Referring to fig. 1, 2 and 3, the detecting device comprises a detecting device body 1, two first racks 2 are arranged on the top of the detecting device body 1, gears 3 are respectively engaged and connected to one sides of the two first racks 2, second racks 4 are respectively engaged and connected to one sides of the two gears 3, baffles 5 are respectively fixedly connected to the bottoms of the two second racks 4, the baffles 5 are slidably connected to the inside of the detecting device body 1, rotating rods 6 are respectively fixedly connected to the insides of the two gears 3, a transmission assembly is arranged on the outer side of one of the rotating rods 6, a push-out assembly is arranged on the top of the detecting device body 1, an electric push rod 16 is fixedly connected to the bottom of a transverse plate 15, a press plate 20 is fixedly connected to the bottom of the electric push rod 16, cross rods 13 are respectively fixedly connected to the two sides of the electric push rod 16, the two cross rods 13 are respectively fixedly connected to the tops of the two first racks 2, a support plate 18 is fixedly connected to one side of the detecting device body 1, the backup pad 18 sliding connection has been seted up in push pedal 19 bottom, two bar grooves 17 in detection device body 1 one side, and detection device body 1 all passes through bar groove 17 sliding connection with two connecting rods 14.

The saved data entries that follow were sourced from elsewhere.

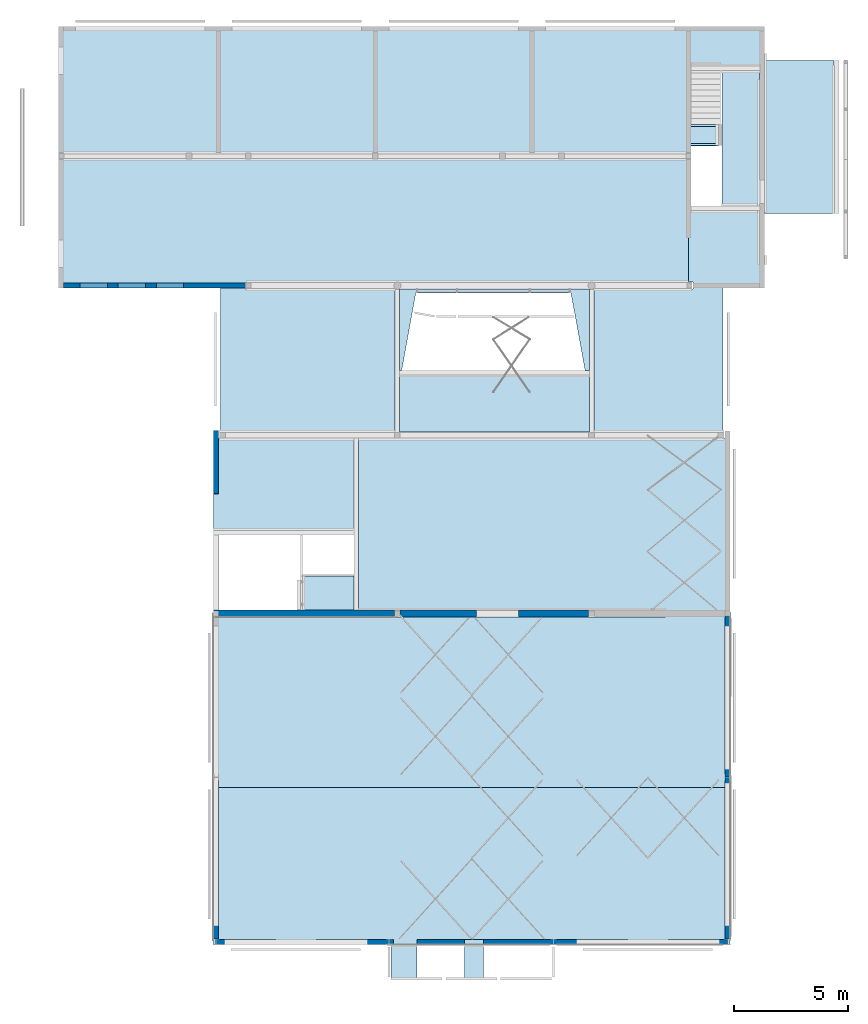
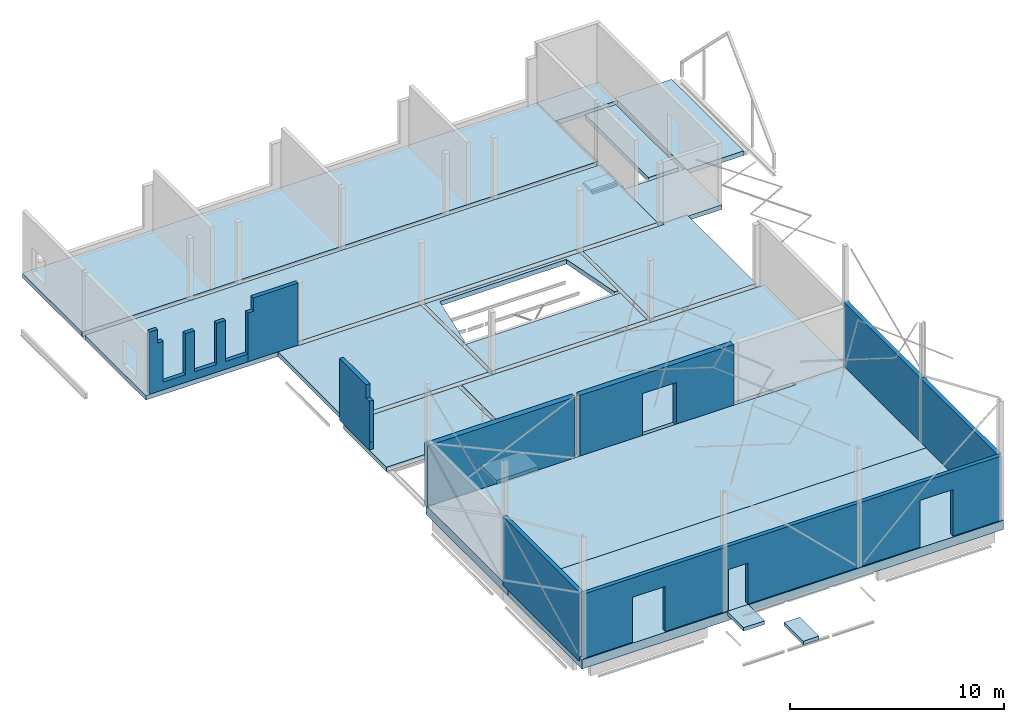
# One storey, part 10 of 14: 18 slabs, 11 walls, 13 openings.
"""IFC2X3 building model written with IfcOpenShell, lengths in millimetres."""

from ifc_helpers import new_model, entity, si_unit, converted_unit, derived_unit, direction, frame, frame_2d, origin, origin_2d_with_axis, place, context, subcontext, project, spatial, polyline, rectangle, outline, extrude, material, layer, layer_set, layer_usage, type_object, element, save


model = new_model("IFC2X3")

# Units and contexts
model_context = context("Model", 3, precision=0.01, world=origin(), true_north=direction((6.123031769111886e-17, 1.0)))
body_context = subcontext(model_context, "Body", "Model", "MODEL_VIEW")
ifc_project = project(units=[si_unit("LENGTHUNIT", "METRE", prefix="MILLI"), si_unit("AREAUNIT", "SQUARE_METRE", prefix="MILLI"), si_unit("VOLUMEUNIT", "CUBIC_METRE"), converted_unit("PLANEANGLEUNIT", "DEGREE", entity("IfcPlaneAngleMeasure", 0.017453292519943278), si_unit("PLANEANGLEUNIT", "RADIAN"), dimensions=[0, 0, 0, 0, 0, 0, 0]), si_unit("MASSUNIT", "GRAM", prefix="KILO"), derived_unit("MASSDENSITYUNIT", [(si_unit("MASSUNIT", "GRAM", prefix="KILO"), 1), (si_unit("LENGTHUNIT", "METRE"), -3)]), derived_unit("IONCONCENTRATIONUNIT", [(si_unit("MASSUNIT", "GRAM", prefix="KILO"), 1), (si_unit("LENGTHUNIT", "METRE"), -3)]), derived_unit("MOMENTOFINERTIAUNIT", [(si_unit("LENGTHUNIT", "METRE"), 4)]), si_unit("TIMEUNIT", "SECOND"), si_unit("FREQUENCYUNIT", "HERTZ"), si_unit("THERMODYNAMICTEMPERATUREUNIT", "DEGREE_CELSIUS"), derived_unit("THERMALTRANSMITTANCEUNIT", [(si_unit("MASSUNIT", "GRAM", prefix="KILO"), 1), (si_unit("THERMODYNAMICTEMPERATUREUNIT", "KELVIN"), -1), (si_unit("TIMEUNIT", "SECOND"), -3)]), derived_unit("THERMALCONDUCTANCEUNIT", [(si_unit("MASSUNIT", "GRAM", prefix="KILO"), 1), (si_unit("THERMODYNAMICTEMPERATUREUNIT", "KELVIN"), -1), (si_unit("TIMEUNIT", "SECOND"), -3), (si_unit("LENGTHUNIT", "METRE"), 1)]), derived_unit("VOLUMETRICFLOWRATEUNIT", [(si_unit("LENGTHUNIT", "METRE", prefix="DECI"), 3), (si_unit("TIMEUNIT", "SECOND"), -1)]), derived_unit("MASSFLOWRATEUNIT", [(si_unit("MASSUNIT", "GRAM", prefix="KILO"), 1), (si_unit("TIMEUNIT", "SECOND"), -1)]), derived_unit("ROTATIONALFREQUENCYUNIT", [(si_unit("TIMEUNIT", "SECOND"), -1)]), si_unit("ELECTRICCURRENTUNIT", "AMPERE"), si_unit("ELECTRICVOLTAGEUNIT", "VOLT"), si_unit("POWERUNIT", "WATT"), si_unit("FORCEUNIT", "NEWTON", prefix="KILO"), si_unit("ILLUMINANCEUNIT", "LUX"), si_unit("LUMINOUSFLUXUNIT", "LUMEN"), si_unit("LUMINOUSINTENSITYUNIT", "CANDELA"), si_unit("ENERGYUNIT", "JOULE"), derived_unit("USERDEFINED", [(si_unit("MASSUNIT", "GRAM", prefix="KILO"), -1), (si_unit("LENGTHUNIT", "METRE"), -2), (si_unit("TIMEUNIT", "SECOND"), 3), (si_unit("LUMINOUSFLUXUNIT", "LUMEN"), 1)]), derived_unit("USERDEFINED", [(si_unit("MASSUNIT", "GRAM", prefix="KILO"), 1), (si_unit("TIMEUNIT", "SECOND"), -3), (si_unit("LENGTHUNIT", "METRE"), 3), (si_unit("ELECTRICCURRENTUNIT", "AMPERE"), -2)]), derived_unit("SOUNDPOWERUNIT", [(si_unit("MASSUNIT", "GRAM", prefix="KILO"), 1), (si_unit("TIMEUNIT", "SECOND"), -3), (si_unit("LENGTHUNIT", "METRE"), 2)]), derived_unit("SOUNDPRESSUREUNIT", [(si_unit("MASSUNIT", "GRAM", prefix="KILO"), 1), (si_unit("LENGTHUNIT", "METRE"), -1), (si_unit("TIMEUNIT", "SECOND"), -2)]), derived_unit("LINEARVELOCITYUNIT", [(si_unit("LENGTHUNIT", "METRE"), 1), (si_unit("TIMEUNIT", "SECOND"), -1)]), si_unit("PRESSUREUNIT", "PASCAL"), derived_unit("USERDEFINED", [(si_unit("MASSUNIT", "GRAM", prefix="KILO"), 1), (si_unit("LENGTHUNIT", "METRE"), -2), (si_unit("TIMEUNIT", "SECOND"), -2)]), derived_unit("LINEARFORCEUNIT", [(si_unit("MASSUNIT", "GRAM", prefix="KILO"), 1), (si_unit("TIMEUNIT", "SECOND"), -2)]), derived_unit("PLANARFORCEUNIT", [(si_unit("MASSUNIT", "GRAM", prefix="KILO"), 1), (si_unit("LENGTHUNIT", "METRE"), -1), (si_unit("TIMEUNIT", "SECOND"), -2)]), derived_unit("SPECIFICHEATCAPACITYUNIT", [(si_unit("THERMODYNAMICTEMPERATUREUNIT", "KELVIN"), -1), (si_unit("LENGTHUNIT", "METRE"), 2), (si_unit("TIMEUNIT", "SECOND"), -2)]), derived_unit("HEATFLUXDENSITYUNIT", [(si_unit("MASSUNIT", "GRAM", prefix="KILO"), 1), (si_unit("TIMEUNIT", "SECOND"), -3)]), derived_unit("HEATINGVALUEUNIT", [(si_unit("LENGTHUNIT", "METRE"), 2), (si_unit("TIMEUNIT", "SECOND"), -2)]), derived_unit("VAPORPERMEABILITYUNIT", [(si_unit("LENGTHUNIT", "METRE"), -1), (si_unit("TIMEUNIT", "SECOND"), 1)]), derived_unit("DYNAMICVISCOSITYUNIT", [(si_unit("MASSUNIT", "GRAM", prefix="KILO"), 1), (si_unit("TIMEUNIT", "SECOND"), -1), (si_unit("LENGTHUNIT", "METRE"), -1)]), derived_unit("THERMALEXPANSIONCOEFFICIENTUNIT", [(si_unit("THERMODYNAMICTEMPERATUREUNIT", "KELVIN"), -1)]), derived_unit("MODULUSOFELASTICITYUNIT", [(si_unit("MASSUNIT", "GRAM", prefix="KILO"), 1), (si_unit("LENGTHUNIT", "METRE"), -1), (si_unit("TIMEUNIT", "SECOND"), -2)]), derived_unit("ISOTHERMALMOISTURECAPACITYUNIT", [(si_unit("MASSUNIT", "GRAM", prefix="KILO"), -1), (si_unit("LENGTHUNIT", "METRE"), 3)]), derived_unit("MOISTUREDIFFUSIVITYUNIT", [(si_unit("TIMEUNIT", "SECOND"), -1), (si_unit("LENGTHUNIT", "METRE"), 2)]), derived_unit("MASSPERLENGTHUNIT", [(si_unit("MASSUNIT", "GRAM", prefix="KILO"), 1), (si_unit("LENGTHUNIT", "METRE"), -1)]), derived_unit("THERMALRESISTANCEUNIT", [(si_unit("MASSUNIT", "GRAM", prefix="KILO"), -1), (si_unit("TIMEUNIT", "SECOND"), 3), (si_unit("THERMODYNAMICTEMPERATUREUNIT", "KELVIN"), 1)]), derived_unit("ACCELERATIONUNIT", [(si_unit("LENGTHUNIT", "METRE"), 1), (si_unit("TIMEUNIT", "SECOND"), -2)]), derived_unit("ANGULARVELOCITYUNIT", [(si_unit("TIMEUNIT", "SECOND"), -1), (si_unit("PLANEANGLEUNIT", "RADIAN"), 1)]), derived_unit("LINEARSTIFFNESSUNIT", [(si_unit("MASSUNIT", "GRAM", prefix="KILO"), 1), (si_unit("TIMEUNIT", "SECOND"), -2)]), derived_unit("WARPINGCONSTANTUNIT", [(si_unit("LENGTHUNIT", "METRE"), 6)]), derived_unit("LINEARMOMENTUNIT", [(si_unit("MASSUNIT", "GRAM", prefix="KILO"), 1), (si_unit("LENGTHUNIT", "METRE"), 1), (si_unit("TIMEUNIT", "SECOND"), -2)]), derived_unit("TORQUEUNIT", [(si_unit("MASSUNIT", "GRAM", prefix="KILO"), 1), (si_unit("LENGTHUNIT", "METRE"), 2), (si_unit("TIMEUNIT", "SECOND"), -2)])], contexts=[model_context])

# Site, building, storey
site_placement = place(None, origin())
site = spatial("IfcSite", under=ifc_project, at=site_placement, Name="Default", CompositionType="ELEMENT")
building_placement = place(site_placement, origin())
building = spatial("IfcBuilding", under=site, at=building_placement, CompositionType="ELEMENT")
storey_placement = place(building_placement, frame((0.0, 0.0, 3730.0)))
storey = spatial("IfcBuildingStorey", under=building, at=storey_placement, Name="V1 1e verd. (bk ruwe vloer)", CompositionType="ELEMENT", Elevation=3729.9999999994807)

# Slabs
ifc_material_1 = material(Name="Druklaag, C20/25 op systeemvloer")
ifc_layer_1 = layer(ifc_material_1, 120.0)
ifc_material_2 = material(Name="Isolatie, op vloer")
ifc_layer_2 = layer(ifc_material_2, 100.0)
ifc_material_3 = material(Name="Druklaag, C20/25 op bekistingsplaat")
ifc_layer_3 = layer(ifc_material_3, 240.0)
ifc_material_4 = material(Name="Beton, prefab - bekistingsplaat schil")
ifc_layer_4 = layer(ifc_material_4, 60.0)
ifc_layer_set_1 = layer_set([ifc_layer_1, ifc_layer_2, ifc_layer_3, ifc_layer_4], Name="Floor:B2_ bekistingsplaatvloer d=300, schil=60")
ifc_layer_usage_1 = layer_usage(ifc_layer_set_1, "AXIS3", "POSITIVE", 0.0)
slab_type_1 = type_object("IfcSlabType", Name="Floor:B2_ bekistingsplaatvloer d=300, schil=60", PredefinedType="FLOOR", material=ifc_layer_set_1)
slab_1_placement = place(storey_placement, origin())
element("IfcSlab", 1, at=slab_1_placement, inside=storey, type_object=slab_type_1, material=ifc_layer_usage_1, Name="Floor:B2_ bekistingsplaatvloer d=300, schil=60", ObjectType="Floor:B2_ bekistingsplaatvloer d=300, schil=60", PredefinedType="FLOOR", context=body_context, shape_type="SweptSolid", body=[
    extrude(outline(polyline([(-5700.0, -11383.025381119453), (1950.0, -11383.025381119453), (1950.0, -8467.895043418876), (1800.0, -8467.895043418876), (1800.0, 8505.960444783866), (1950.0, 8505.960444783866), (1950.0, 11344.959979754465), (-5700.0, 11344.959979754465), (-5700.0, -11383.025381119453)])), frame((17994.026162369, 15544.605013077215, 70.0), z_axis=(0.0, 0.0, -1.0), x_axis=(0.0, 1.0, 0.0)), (0.0, 0.0, 1.0), 519.9999999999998),
])
slab_2_placement = place(storey_placement, origin())
element("IfcSlab", 2, at=slab_2_placement, inside=storey, type_object=slab_type_1, material=ifc_layer_usage_1, Name="Floor:B2_ bekistingsplaatvloer d=300, schil=60", ObjectType="Floor:B2_ bekistingsplaatvloer d=300, schil=60", PredefinedType="FLOOR", context=body_context, shape_type="SweptSolid", body=[
    extrude(rectangle(XDim=6914.000000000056, YDim=22727.99234362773, at=frame_2d((-1.318767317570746e-11, 2.7284841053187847e-12), x_axis=(1.0, 0.0))), frame((17974.989598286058, 6387.605013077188, 70.0), z_axis=(0.0, 0.0, -1.0), x_axis=(0.0, 1.0, 0.0)), (0.0, 0.0, 1.0), 519.9999999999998),
])
ifc_layer_5 = layer(ifc_material_1, 60.0)
ifc_material_5 = material(Name="Beton, prefab - kanaalplaat")
ifc_layer_6 = layer(ifc_material_5, 200.0)
ifc_layer_set_2 = layer_set([ifc_layer_5, ifc_layer_6], Name="Floor:B1_ kanaalplaat d=200+druklaag=60-50-60")
ifc_layer_usage_2 = layer_usage(ifc_layer_set_2, "AXIS3", "POSITIVE", 0.0)
slab_type_2 = type_object("IfcSlabType", Name="Floor:B1_ kanaalplaat d=200+druklaag=60-50-60", PredefinedType="FLOOR", material=ifc_layer_set_2)
slab_3_placement = place(storey_placement, origin())
element("IfcSlab", 3, at=slab_3_placement, inside=storey, type_object=slab_type_2, material=ifc_layer_usage_2, Name="Floor:B1_ kanaalplaat d=200+druklaag=60-50-60", ObjectType="Floor:B1_ kanaalplaat d=200+druklaag=60-50-60", PredefinedType="FLOOR", context=body_context, shape_type="SweptSolid", body=[
    extrude(outline(polyline([(-2470.0, -9955.44029745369), (5090.0, -9955.44029745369), (5090.0, 6397.219730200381), (-2620.0, 6397.219730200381), (-2620.0, 3558.220567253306), (-2470.0, 3558.220567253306), (-2470.0, -9955.44029745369)])), frame((22941.766039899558, 20114.6050130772, 0.0), z_axis=(0.0, 0.0, -1.0), x_axis=(0.0, 1.0, 0.0)), (0.0, 0.0, 1.0), 259.9999999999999),
])
slab_4_placement = place(storey_placement, origin())
element("IfcSlab", 4, at=slab_4_placement, inside=storey, type_object=slab_type_2, material=ifc_layer_usage_2, Name="Floor:B1_ kanaalplaat d=200+druklaag=60-50-60", ObjectType="Floor:B1_ kanaalplaat d=200+druklaag=60-50-60", PredefinedType="FLOOR", context=body_context, shape_type="SweptSolid", body=[
    extrude(outline(polyline([(-4255.312127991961, -2926.1675090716), (2197.6560639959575, -2926.1675090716), (2197.6560639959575, -1836.6355444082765), (2057.656063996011, -1836.6355444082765), (2057.656063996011, 4762.8030534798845), (-4255.312127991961, 4762.803053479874), (-4255.312127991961, -2926.1675090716)])), frame((9837.191868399, 29739.91714106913, 0.0), z_axis=(0.0, 0.0, -1.0), x_axis=(0.0, 1.0, 0.0)), (0.0, 0.0, 1.0), 259.9999999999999),
])
slab_5_placement = place(storey_placement, origin())
element("IfcSlab", 5, at=slab_5_placement, inside=storey, type_object=slab_type_2, material=ifc_layer_usage_2, Name="Floor:B1_ kanaalplaat d=200+druklaag=60-50-60", ObjectType="Floor:B1_ kanaalplaat d=200+druklaag=60-50-60", PredefinedType="FLOOR", context=body_context, shape_type="SweptSolid", body=[
    extrude(outline(polyline([(-1506.999990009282, -10769.640050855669), (4167.000049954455, -10769.640050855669), (4167.000049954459, 16969.339469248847), (-1260.0000299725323, 16969.33946924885), (-1260.0000299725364, -2555.083726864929), (-1400.0000299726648, -2555.0837268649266), (-1400.0000299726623, -3644.6156915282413), (-1506.9999900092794, -3644.6156915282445), (-1506.999990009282, -10769.640050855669)])), frame((10555.64005085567, 33337.5731551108, 0.0), z_axis=(0.0, 0.0, -1.0), x_axis=(0.0, 1.0, 0.0)), (0.0, 0.0, 1.0), 259.9999999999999),
])
slab_6_placement = place(storey_placement, origin())
element("IfcSlab", 6, at=slab_6_placement, inside=storey, type_object=slab_type_2, material=ifc_layer_usage_2, Name="Floor:B1_ kanaalplaat d=200+druklaag=60-50-60", ObjectType="Floor:B1_ kanaalplaat d=200+druklaag=60-50-60", PredefinedType="FLOOR", context=body_context, shape_type="SweptSolid", body=[
    extrude(rectangle(XDim=5574.000000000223, YDim=27738.979520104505, at=origin_2d_with_axis()), frame((13655.4897600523, 40571.573205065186, 0.0), z_axis=(0.0, 0.0, -1.0), x_axis=(0.0, 1.0, 0.0)), (0.0, 0.0, 1.0), 259.9999999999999),
])
slab_7_placement = place(storey_placement, origin())
element("IfcSlab", 7, at=slab_7_placement, inside=storey, type_object=slab_type_2, material=ifc_layer_usage_2, Name="Floor:B1_ kanaalplaat d=200+druklaag=60-50-60", ObjectType="Floor:B1_ kanaalplaat d=200+druklaag=60-50-60", PredefinedType="FLOOR", context=body_context, shape_type="SweptSolid", body=[
    extrude(outline(polyline([(-682.500029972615, -1260.22600438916), (2454.500009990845, -1260.22600438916), (2454.500009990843, 2078.7716704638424), (-939.4999900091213, 2078.77167046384), (-939.4999900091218, 253.77400491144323), (-832.4999900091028, 253.77400491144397), (-832.4999900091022, -1072.3196709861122), (-682.5000299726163, -1072.319670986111), (-682.500029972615, -1260.22600438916)])), frame((28785.205524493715, 32770.0731950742, 0.0), z_axis=(0.0, 0.0, -1.0), x_axis=(0.0, 1.0, 0.0)), (0.0, 0.0, 1.0), 259.9999999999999),
])
slab_8_placement = place(storey_placement, origin())
element("IfcSlab", 8, at=slab_8_placement, inside=storey, type_object=slab_type_2, material=ifc_layer_usage_2, Name="Floor:B1_ kanaalplaat d=200+druklaag=60-50-60", ObjectType="Floor:B1_ kanaalplaat d=200+druklaag=60-50-60", PredefinedType="FLOOR", context=body_context, shape_type="SweptSolid", body=[
    extrude(rectangle(XDim=1731.2561455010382, YDim=3338.9976748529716, at=frame_2d((4.320099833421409e-12, -2.1600499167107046e-12), x_axis=(1.0, 0.0))), frame((29194.478357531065, 42492.94513231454, 0.0), z_axis=(0.0, 0.0, -1.0), x_axis=(0.0, 1.0, 0.0)), (0.0, 0.0, 1.0), 259.9999999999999),
])
slab_9_placement = place(storey_placement, origin())
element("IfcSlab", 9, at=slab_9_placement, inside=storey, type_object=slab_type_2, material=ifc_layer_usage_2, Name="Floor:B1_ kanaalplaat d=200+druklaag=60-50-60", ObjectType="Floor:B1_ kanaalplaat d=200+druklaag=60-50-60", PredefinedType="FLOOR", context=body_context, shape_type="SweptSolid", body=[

Specifically, the method comprises the following steps: when the strength detection device needs to be used, at the moment, firstly, rocks needing to be detected are placed on the supporting plate 18, then the electric push rod 16 can be started, the two sides of the electric push rod 16 are fixedly connected with the cross rods 13, and then the electric push rod 16 moves downwards to drive the two cross rods 13 to move downwards, because the bottoms of the two cross rods 13 are fixedly connected with the first racks 2, and then the two cross rods 13 move downwards to drive the two first racks 2 to move downwards, because one sides of the two first racks 2 are engaged with the gears 3, and then the two first racks 2 move downwards to drive the two gears 3 to rotate, because one sides of the two gears 3 are engaged with the second racks 4, and then the two gears 3 rotate to drive the two second racks 4 to move upwards, because the baffle 5 is fixedly connected with the bottoms of the second racks 4, and then the second racks 4 move upwards to drive the baffle 5 to move upwards, and then the baffle 5 can be covered outside the supporting plate 18, so that the rock can be prevented from splashing when the hardness test is carried out on the rock, and further, the injury to operators can be avoided.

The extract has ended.